The massive development planned in Rakhine also has grave implications for the environment. “In light of the (Rakhine) state’s vulnerability to the effects of climate change, the Commission recommends that the government urgently step-up efforts to strength the capabilities of communities to adopt climate resilient options, and to improve the state’s irrigation systems,” the Kofi Annan report said.
Influx continues
Meanwhile, the number of newly arrived Rohingya people has reached 607, 735, according to the Inter Service Coordination Groups (ISCG), which consists of UN and other international organisations working in the Cox’s Bazar area. They have been living in different camps and host communities in four sub-districts of Cox’s Bazar. Among them, 53% are women and girls, 4% are over 60 and 29% are under five. The majority of this population are from Maungdaw district of Rakhine state.

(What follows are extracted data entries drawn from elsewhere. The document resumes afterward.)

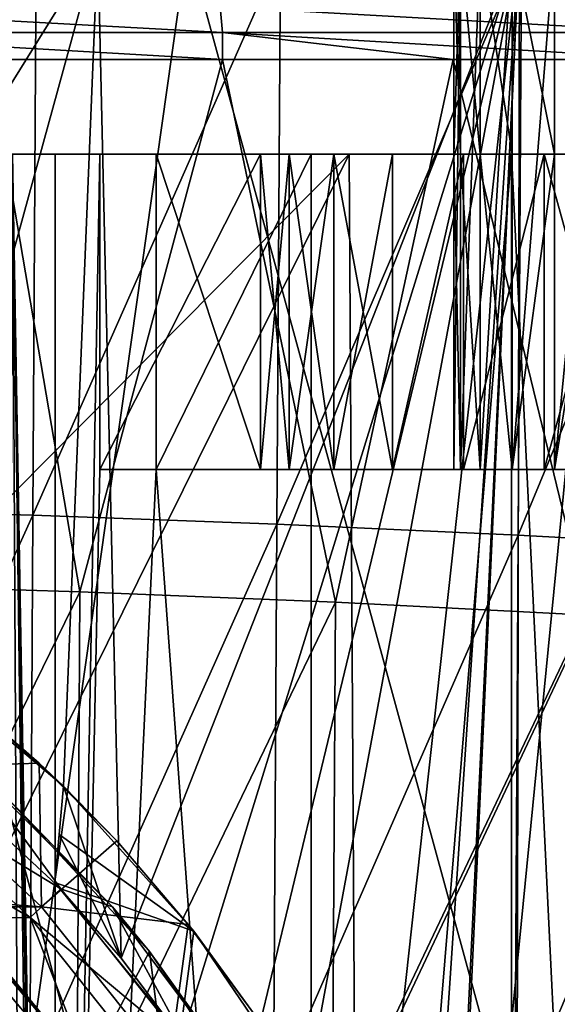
# Model space of a CAD drawing. Header units: metres. Extents: x -109 to 109, y -63 to 140.
# Tile 216 of 480: x 9.32 to 14.44, y -10.09 to -0.72. Entities that reach past the tile are written whole.
import ezdxf

# ---------------------------------------------------------------- set-up
doc = ezdxf.new("R2010")
doc.units = ezdxf.units.M
doc.layers.add('solid_502308_SW0001', color=7, linetype='CONTINUOUS')

msp = doc.modelspace()

# ---------------------------------------------------------------- linework, layer by layer
at = {"layer": 'solid_502308_SW0001'}
for points in [[(9.361381, -11, 13.378528), (6.74241, 0, 14.022077), (4.703983, -11, 14.075018)], [(6.537982, -5.676961, -16.270775), (6.065785, 0, -16.430685), (10.065047, 0, -15.776472)], [(8.215375, -6.725688, -16.001492), (6.537982, -5.676961, -16.270775), (10.065047, 0, -15.776472)], [(9.361381, -11, 13.378528), (10.918035, 0, 13.236396), (6.74241, 0, 14.022077)], [(9.737864, -8.011181, -15.7), (8.215375, -6.725688, -16.001492), (10.065047, 0, -15.776472)], [(13.928113, -11, 12.225027), (10.918035, 0, 13.236396), (9.361381, -11, 13.378528)], [(10.286116, -9.647855, -15.558339), (9.737864, -8.011181, -15.7), (10.065047, 0, -15.776472)], [(10.286116, -9.647855, -15.558339), (10.065047, 0, -15.776472), (14.077567, 0, -14.777308)], [(10.861981, -10.41186, -15.419655), (10.286116, -9.647855, -15.558339), (14.077567, 0, -14.777308)], [(11.379967, -11.213332, -15.28669), (10.861981, -10.41186, -15.419655), (14.077567, 0, -14.777308)], [(13.928113, -11, 12.225027), (15.007822, 0, 12.08287), (10.918035, 0, 13.236396)], [(11.837392, -12.046963, -15.162107), (11.379967, -11.213332, -15.28669), (14.077567, 0, -14.777308)], [(12.563338, -13.78989, -14.947215), (11.837392, -12.046963, -15.162107), (14.077567, 0, -14.777308)], [(13.031118, -15.601575, -14.78991), (12.563338, -13.78989, -14.947215), (14.077567, 0, -14.777308)], [(13.238515, -17.448441, -14.699668), (13.031118, -15.601575, -14.78991), (14.077567, 0, -14.777308)], [(13.185957, -19.301167, -14.680631), (14.077567, 0, -14.777308), (14.016887, -29.29278, -14.262272)], [(13.185957, -19.301167, -14.680631), (13.238515, -17.448441, -14.699668), (14.077567, 0, -14.777308)], [(13.513964, 0, 3.267507), (13.45, -5, 2.7), (13.45, -2, 2.7)], [(13.513942, -5, 3.267433), (13.45, -5, 2.7), (13.513964, 0, 3.267507)], [(13.45, 0, 2.7), (13.45, -2, 2.7), (13.513934, -2, 2.132572)], [(13.45, 0, 2.7), (13.513964, 0, 3.267507), (13.45, -2, 2.7)], [(13.513964, 0, 2.132493), (13.45, 0, 2.7), (13.513934, -2, 2.132572)], [(13.513964, 0, 2.132493), (13.513934, -2, 2.132572), (13.702529, -2, 1.593596)], [(13.513942, -5, 3.267433), (13.513964, 0, 3.267507), (13.70253, 0, 3.806366)], [(13.702518, -5, 3.806365), (13.513942, -5, 3.267433), (13.70253, 0, 3.806366)], [(13.70253, 0, 1.593634), (13.513964, 0, 2.132493), (13.702529, -2, 1.593596)], [(13.702518, -5, 3.806365), (13.70253, 0, 3.806366), (14.006281, 0, 4.289831)], [(14.006349, -5, 4.289924), (13.702518, -5, 3.806365), (14.006281, 0, 4.289831)], [(13.70253, 0, 1.593634), (13.702529, -2, 1.593596), (14.00633, -2, 1.110101)], [(14.006281, 0, 1.110169), (13.70253, 0, 1.593634), (14.00633, -2, 1.110101)], [(18.357611, -11, 10.626278), (15.007822, 0, 12.08287), (13.928113, -11, 12.225027)], [(14.006281, 0, 1.110169), (14.00633, -2, 1.110101), (14.410101, -2, 0.70633)], [(14.410169, 0, 0.706281), (14.006281, 0, 1.110169), (14.410101, -2, 0.70633)], [(14.006349, -5, 4.289924), (14.006281, 0, 4.289831), (14.410169, 0, 4.693719)], [(14.410272, -5, 4.693794), (14.006349, -5, 4.289924), (14.410169, 0, 4.693719)], [(14.016887, -29.29278, -14.262272), (14.077567, 0, -14.777308), (17.993818, 0, -13.45)], [(15.44925, -27.236919, -13.853247), (14.016887, -29.29278, -14.262272), (17.993818, 0, -13.45)], [(14.410169, 0, 0.706281), (14.410101, -2, 0.70633), (14.893597, -2, 0.402529)], [(14.893634, 0, 0.40253), (14.410169, 0, 0.706281), (14.893597, -2, 0.402529)], [(14.410272, -5, 4.693794), (14.410169, 0, 4.693719), (14.893634, 0, 4.99747)], [(14.893662, -5, 4.997472), (14.410272, -5, 4.693794), (14.893634, 0, 4.99747)], [(7.103559, -5.368956, 14.370385), (7.128041, -0.1, 14.369448), (9.477245, -0.1, 13.958779)], [(9.446818, -5.435003, 13.960243), (7.103559, -5.368956, 14.370385), (9.477245, -0.1, 13.958779)], [(9.446818, -5.435003, 13.960243), (9.477245, -0.1, 13.958779), (11.801357, -0.1, 13.432922)], [(11.768997, -5.520103, 13.434412), (9.446818, -5.435003, 13.960243), (11.801357, -0.1, 13.432922)], [(11.768997, -5.520103, 13.434412), (11.801357, -0.1, 13.432922), (14.09576, -0.1, 12.792668)], [(14.064841, -5.624341, 12.793642), (11.768997, -5.520103, 13.434412), (14.09576, -0.1, 12.792668)], [(14.064841, -5.624341, 12.793642), (14.09576, -0.1, 12.792668), (16.358068, -0.1, 12.038764)], [(16.329245, -5.74783, 12.039505), (14.064841, -5.624341, 12.793642), (16.358068, -0.1, 12.038764)], [(11.251382, -0.843505, 15.382053), (11.228955, -0.601622, 15.285026), (6.774672, -0.601622, 16.103554)], [(6.788211, -0.843505, 16.202215), (11.251382, -0.843505, 15.382053), (6.774672, -0.601622, 16.103554)], [(15.621763, -0.843505, 14.159808), (15.590608, -0.601622, 14.065222), (11.228955, -0.601622, 15.285026)], [(11.251382, -0.843505, 15.382053), (15.621763, -0.843505, 14.159808), (11.228955, -0.601622, 15.285026)], [(6.788211, -0.843505, 16.202215), (9.028667, -1.100735, 15.876863), (11.250388, -1.101063, 15.416623)], [(6.788211, -0.843505, 16.202215), (11.250388, -1.101063, 15.416623), (11.251382, -0.843505, 15.382053)], [(11.251382, -0.843505, 15.382053), (11.250388, -1.101063, 15.416623), (13.445548, -1.101354, 14.856837)], [(11.251382, -0.843505, 15.382053), (13.445548, -1.101354, 14.856837), (15.614611, -1.101544, 14.19738)], [(11.251382, -0.843505, 15.382053), (15.614611, -1.101544, 14.19738), (15.621763, -0.843505, 14.159808)], [(7.440337, -6.085798, 16.139524), (9.894154, -6.162977, 15.705582), (9.028667, -1.100735, 15.876863)], [(9.894154, -6.162977, 15.705582), (11.250388, -1.101063, 15.416623), (9.028667, -1.100735, 15.876863)], [(9.894154, -6.162977, 15.705582), (12.325431, -6.262208, 15.149319), (11.250388, -1.101063, 15.416623)], [(12.325431, -6.262208, 15.149319), (13.445548, -1.101354, 14.856837), (11.250388, -1.101063, 15.416623)], [(12.325431, -6.262208, 15.149319), (14.728563, -6.38349, 14.471583), (13.445548, -1.101354, 14.856837)], [(14.728563, -6.38349, 14.471583), (15.614611, -1.101544, 14.19738), (13.445548, -1.101354, 14.856837)], [(12.45456, -2, 10.930849), (12.51015, -11, 11.078399), (8, -11, 12.108668)], [(8, -6.495773, 12.028833), (8, -2, 11.949144), (12.45456, -2, 10.930849)], [(12.45456, -2, 10.930849), (8, -11, 12.108668), (8, -6.495773, 12.028833)], [(12.308669, -2, 5.273716), (12.45456, -2, 10.930849), (8, -2, 11.949144)], [(11.884668, -2, 4.520438), (8, -2, 11.949144), (11.612517, -2, 3.7)], [(10.084812, -2, 3.7), (11.612517, -2, 3.7), (8, -2, 11.949144)], [(12.308669, -2, 5.273716), (8, -2, 11.949144), (11.884668, -2, 4.520438)], [(9.659258, -2, 5.28819), (10.084812, -2, 3.7), (8, -2, 11.949144)], [(9.252759, -2, 6.492939), (9.659258, -2, 5.28819), (8, -2, 11.949144)], [(9.252759, -2, 6.492939), (9.165152, -25.5, 6.7), (9.376994, -25.5, 6.174475)], [(9.252759, -2, 6.492939), (9.659258, -25.5, 5.28819), (9.659258, -2, 5.28819)], [(9.252759, -2, 6.492939), (9.610585, -25.5, 5.463449), (9.659258, -25.5, 5.28819)], [(9.252759, -2, 6.492939), (9.558732, -25.5, 5.637794), (9.610585, -25.5, 5.463449)], [(9.252759, -2, 6.492939), (9.376994, -25.5, 6.174475), (9.558732, -25.5, 5.637794)], [(9.659258, -25.5, 5.28819), (10.084812, -5, 3.7), (10.084812, -2, 3.7)], [(9.659258, -2, 5.28819), (9.659258, -25.5, 5.28819), (10.084812, -2, 3.7)], [(10.084812, -5, 3.7), (11.612517, -5, 3.7), (11.612517, -2, 3.7)], [(10.084812, -5, 3.7), (11.612517, -2, 3.7), (10.084812, -2, 3.7)], [(10.620711, -2, 1.7), (11.612517, -2, 1.7), (11.612517, -5, 1.7)], [(10.620711, -2, 1.7), (12.094432, -2, -3.8), (11.612517, -2, 1.7)], [(10.620711, -2, 1.7), (11.612517, -5, 1.7), (10.620711, -5, 1.7)], [(10.620711, -5, 1.7), (12.094432, -25.051577, -3.8), (12.094432, -2, -3.8)], [(10.620711, -2, 1.7), (10.620711, -5, 1.7), (12.094432, -2, -3.8)], [(11.612517, -2, 3.7), (11.612517, -5, 3.7), (11.884674, -5, 4.520448)], [(11.884668, -2, 4.520438), (11.612517, -2, 3.7), (11.884674, -5, 4.520448)], [(11.884668, -2, 0.879562), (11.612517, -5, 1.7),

The Rohingya refugees are living in terrible conditions and need immediate life-saving assistance, including clean drinking water, sanitation and hygiene, essential food and emergency supplies. More than 70% of the newly arrived have no shelter and only 50% have access to safe drinking water.
Also read: Timeline: Being Rohingya in Myanmar, from 1784 to Now
Last month in Geneva, the UN’s refugee agency called for the international community to double its humanitarian outreach in order to respond to the burgeoning refugee situation in southeastern Bangladesh. The Bangladeshi government announced last week that it planned to build separate shelters for some 6,000 Rohingya refugee children who had arrived across the border alone.
The Rohingya refugees are also setting up shelters in reserve forests in Kutupalong and Balukhali. They have little option but to cut down trees and damage forests. According to the experts working in wildlife conservation, many parts of the 30,000 acres of forestland in Ukhia have already been razed to the ground.
As the horror of genocide and mass migration continues, the stateless Rohingyas are staring at a bleak future. Rokeya Begum of Bolirbazar in Rakhine may have saved her children for now, but the abysmal conditions at the refugee settlements, which organisations engaged in relief operations are struggling to cope with, is sure to pose the danger of disease and pestilence to them. And, even if they survive present travails, nobody seems to have any idea of what the future may hold for them.